◆ THE TASK
If a line below contains the string "Leads", copy it out.

Stored items:
┄┄┄┄┄┄┄┄┄┄

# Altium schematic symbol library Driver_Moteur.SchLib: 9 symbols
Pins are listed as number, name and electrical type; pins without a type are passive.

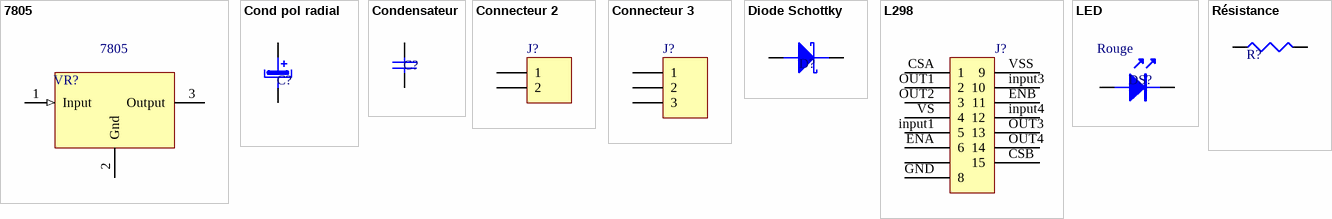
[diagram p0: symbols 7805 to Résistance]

## 7805
designator VR?  Type: 7805
Régulateur 5V
footprint TO-220 V (TO-220 Vertical)
pins: 1 Input (in), 2 Gnd (power), 3 Output (power)

## Cond pol radial
designator C?
Condensateur polatisé; Type: Condensateur polarisé debout
footprint CAPPR2-5x6.8 (Capacitor, Electrolytic, Radial; Body 5 x 6.8 mm (Dia.xH typ); Pin Spacing 2 mm (typ))
pins: 1 +, 2 -
2 alternate drawings of the same symbol

## Condensateur
designator C?
Condensateur
footprint CAPR5.08-7.8x3.2 (Capacitor, Ceramic, Thru-Hole, Dipped Radial; Body 7.8 x 3.2 mm (WxT) Pin Spacing 5.08 mm (typ))
pins: 1, 2

## Connecteur 2
designator J?
Connecteur
footprint CONVIS-2 (Connecteur à vis 2 contacts Pitch 5.08)
pins: 1, 2

## Connecteur 3
designator J?
Connecteur
footprint CONVIS-3 (Connecteur à vis 3 contacts Pitch 5.08)
footprint HDR1X3 (Connector; Header; 3 Position)
pins: 1, 2, 3

## Diode Schottky
designator D?
Diode Schottky
footprint DIODE-0.4 (Tunnel Diode - Dependent Source Model; 2 Leads)
pins: 1 A, 2 K

## L298
designator J?
Connecteur
footprint MultiWatt15 (MultiWatt15; 15 Leads; Row Spacing 5.08 mm; Pitch 2.54 mm)
pins: CSA 1, CSB 15, ENA 6, ENB 11, GND 8, input1 5, input2 7, input3 10, input4 12, OUT1 2, OUT2 3, OUT3 13, OUT4 14, VS 4, VSS 9

## LED
designator DS?  Color: Rouge
LED
footprint Led 0.1 (Led Verticale)
pins: 1 A, 2 K

## Résistance
designator R?
Résistance standard
footprint AXIAL-0.4 (Resistor; 2 Leads)
pins: 1, 2
3 alternate drawings of the same symbol
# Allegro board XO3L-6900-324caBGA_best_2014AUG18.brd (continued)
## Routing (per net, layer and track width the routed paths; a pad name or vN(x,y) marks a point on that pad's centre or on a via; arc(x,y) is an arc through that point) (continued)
PT35A: length 8.5
  TOP w0.102: BGA.A15 25.03,27.43 25.03,35.47
PT35B: length 8.5
  TOP w0.102: 25.21,35.47 25.21,27.43 BGA.A16
PT35C: length 12.5
  TOP w0.102: BGA.D14 v1(23.52,24.32)
  L3_SIGNAL w0.102: 24.75,35.47 24.75,25.68 24.59,25.52 24.14,25.52 23.92,25.29 BGA.D14 v1(23.52,24.32)
PT35D: length 11.8
  TOP w0.102: BGA.D15 v1(24.32,24.32)
  L3_SIGNAL w0.102: v1(24.32,24.32) 24.32,24.55 24.72,24.95 24.72,25.4 24.93,25.61 24.93,35.29
PT36A: length 9.3
  TOP w0.102: BGA.B16 25.92,26.72 25.92,35.47
PT36B: length 8.4
  TOP w0.102: 26.1,35.47 26.1,27.34 BGA.A17
PT36C: length 11.7
  TOP w0.102: BGA.C16 v1(25.12,25.12)
  L3_SIGNAL w0.102: v1(25.12,25.12) 25.49,25.49 26.19,25.49 26.45,25.75 35.96,25.75
PT36D: length 14.1
  TOP w0.102: BGA.E14 v1(23.52,23.52)
  L3_SIGNAL w0.102: v1(23.52,23.52) BGA.E14 24.49,23.92 24.72,24.15 24.72,24.5 24.94,24.72 25.29,24.72 25.88,25.31 26.26,25.31 26.53,25.58 35.96,25.58

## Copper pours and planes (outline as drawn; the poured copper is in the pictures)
GND on L2_GND: 1,1 1,39.64 39.64,39.64 39.64,1
VCC on L5_PWR: 21.59,5.41 21.59,18.02 21.25,18.35 18.35,18.35 18.35,19.05 19.18,19.05 19.18,20.38 18.41,21.15 18.41,21.53 21.29,21.53 21.59,21.83 21.59,35.21 34.51,35.21 34.51,21.59 22.67,21.59 20.76,19.68 20.76,19.37 20.94,19.19 22.64,19.19 25.57,16.26 34.5,16.26 34.5,5.41
VCCIO0 on L5_PWR: 18.41,21.65 18.41,22.29 19.11,22.29 19.11,24.89 5.66,24.89 5.66,35.21 21.46,35.21 21.46,21.91 21.21,21.65
VCCIO1 on L5_PWR: 20.89,19.41 20.89,19.62 22.73,21.46 34.51,21.46 34.51,16.38 25.65,16.38 22.73,19.3 21,19.3
VCCIO2 on L5_PWR: 18.35,18.22 21.21,18.22 21.46,17.97 21.46,5.41 5.63,5.41 5.63,16.26 16.38,16.26
VCCIO3 on L5_PWR: 5.64,16.39 5.64,19.81 17.97,19.81 18.22,19.56 18.22,18.29 16.32,16.39
VCCIO4 on L5_PWR: 5.64,19.94 5.64,21.46 18.29,21.46 18.29,21.08 19.05,20.32 19.05,19.18 18.35,19.18 18.35,19.62 18.03,19.94
VCCIO5 on L5_PWR: 5.66,21.59 5.66,24.76 18.99,24.76 18.99,22.42 18.29,22.42 18.29,21.59

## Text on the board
User.Comments: RP | RCI | 08/18/14 | DWG NO: | XO3L-69E-400caBGA | REVISION | 1.0 | SHEET | 1 | OF | XO3L-69E-400CABGA PCB BREAKOUT | LATTICE SEMICONDUCTOR CORPORATION
Ref Des/Silkscreen Top: PCB BREAKOUT | XO3L-69E-324CABGA | SEMICONDUCTOR | LATTICE | A | B | C | D | E | F | G | H | J | K | L | M | N | P | R | T | U | V | 1 | 2 | 3 | 4 | 5 | 6 | 7 | 8 | 9 | 10 | 11 | 12 | 13 | 14 | 15 | 16 | 17 | 18
PAGE_OUTLINE: 1 | INITIAL RELEASE | MM/DD/YYYY | XXXX XXXXX | SPECIAL INSTRUCTIONS: | 1/2 CU OZ FOR INTERNAL AND EXTERNAL LAYERS | MIN BOARD THICKNESS IS 62MILS. | DESIGNED BY: | APPROVED BY: | SIGNATURES         DATE | REV | DESCRIPTION | ESCAPE VIA DRILL | TRACE WIDTH/SPACE | ESCAPE VIA PAD | ARRAY SIZE | BGA LAND OPENING | BGA LAND PAD | PACKAGE SIZE | PITCH | SIGNAL         (L4) | SIGNAL         (L3) | GND     PLANE  (L2) | POWER   PLANE  (L5) | PRIMARY SIDE   (L1) | SECONDARY SIDE (L6) | SECONDARY SILKSCREEN | SECONDARY SOLDERMASK | PRIMARY SOLDERMASK | PRIMARY SILKSCREEN | 0.8 | 18 X 18 | 15 X 15 | 0.3048 | 0.3556 | 0.1524 | 0.10/0.08 | 0.4318 | MM | DATE | 708.66 X 708.66 | 590.55 X 590.55 | 31.5 | 4/3 | 17 | 12 | 6 | 14 | MILS | APPROVED | PCB BREAKOUT DETAILS | 6 LAYER STACKUP | REVISION
BODY_CENTER: FIGURE | SIZE | 10.0 | ALL UNITS ARE IN MILS | SIZE MM | 0.254 | PLATED | QTY | 83 | DRILL CHART: TOP to L4_SIGNAL
PLACE_BOUND_TOP: FIGURE | SIZE | 10.0 | ALL UNITS ARE IN MILS | SIZE MM | 0.254 | PLATED | QTY | 116 | DRILL CHART: TOP to L3_SIGNAL
DISPLAY_TOP: FIGURE | SIZE | 10.0 | ALL UNITS ARE IN MILS | SIZE MM | 0.254 | PLATED | QTY | 50 | DRILL CHART: TOP to BOTTOM

┄┄┄┄┄┄┄┄┄┄

◆ RESULT OF THIS EXERCISE
footprint DIODE-0.4 (Tunnel Diode - Dependent Source Model; 2 Leads)
footprint MultiWatt15 (MultiWatt15; 15 Leads; Row Spacing 5.08 mm; Pitch 2.54 mm)
footprint AXIAL-0.4 (Resistor; 2 Leads)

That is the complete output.